Irgendwann stehen die beiden Moderatoren auf, die Studiosklaven gehen vereinzelt auf Leute zu. Man hat sich offensichtlich einen Kniff für diese Sendung ausgedacht, um den Schein der Interaktion mit dem Publikum zu wahren. So werden Leute in die Kulisse gesetzt oder gestellt und hin und her geschoben. Einige landen an dem Moderationstisch für die Nachrichten, andere, darunter wir, werden auf das Sofa gesetzt. Die Sendung verläuft gewöhnlich, Dunja Hayali spricht mit Studiogästen, parkinsongezeichnete Hände der Rentner bewegen sich auf Wassergläser zu.
Die Sendung neigt sich gen Ende, eine mir unbekannte, mehr oder minder interessante Gruppe trällert zum Abschluss ein fröhliches Singer-Songwriter-Liedchen. Die Sendung ist vorbei, alte Leute zittern aus dem Studiocafé, Benjamin Stöwe erscheint wieder, macht ein Foto von uns auf dem Sofa. Dunja Hayali kommt, hält spaßeshalber die CD der Gruppe vor die Kameralinse. Benjamin Stöwe bittet sie, sich dazuzusetzen. Es entsteht ein Gruppenfoto, danach steht Dunja Hayali wieder auf und geht. Auch wir bewegen uns aus dem Studio, gehen zusammen mit Benjamin Stöwe zuerst in die Kantine, dann in sein Büro, es wird getwittert und sich gegenseitig geretweetet.

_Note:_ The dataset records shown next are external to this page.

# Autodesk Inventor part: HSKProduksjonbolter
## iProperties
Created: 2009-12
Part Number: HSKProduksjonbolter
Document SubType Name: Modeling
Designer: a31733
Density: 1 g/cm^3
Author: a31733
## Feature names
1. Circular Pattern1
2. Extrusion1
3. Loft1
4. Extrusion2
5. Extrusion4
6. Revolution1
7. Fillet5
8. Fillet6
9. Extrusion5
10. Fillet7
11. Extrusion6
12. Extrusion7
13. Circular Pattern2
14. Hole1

Nach einer Art Abschlussbesprechung verlassen wir das Hauptstadtstudio, Benjamin Stöwe freut sich, dass sich seine Vorhersage bewahrheitet hat und die kommenden Tage für die, die sich wie ein Kaktus fühlen, nichts sein werden. Man verabschiedet und trennt sich. Wir, die Mitglieder, gehen endlich frühstücken.
Wir haben einen Preis gewonnen, der uns Einblick in eine professionelle Fernsehsendung bieten sollte. Und eines hat uns dieser Tag beigebracht: Perfekt ist nichts und niemand. Und wer sich wie ein Kaktus fühlt, sollte in den nächsten Tagen lieber zu Hause bleiben.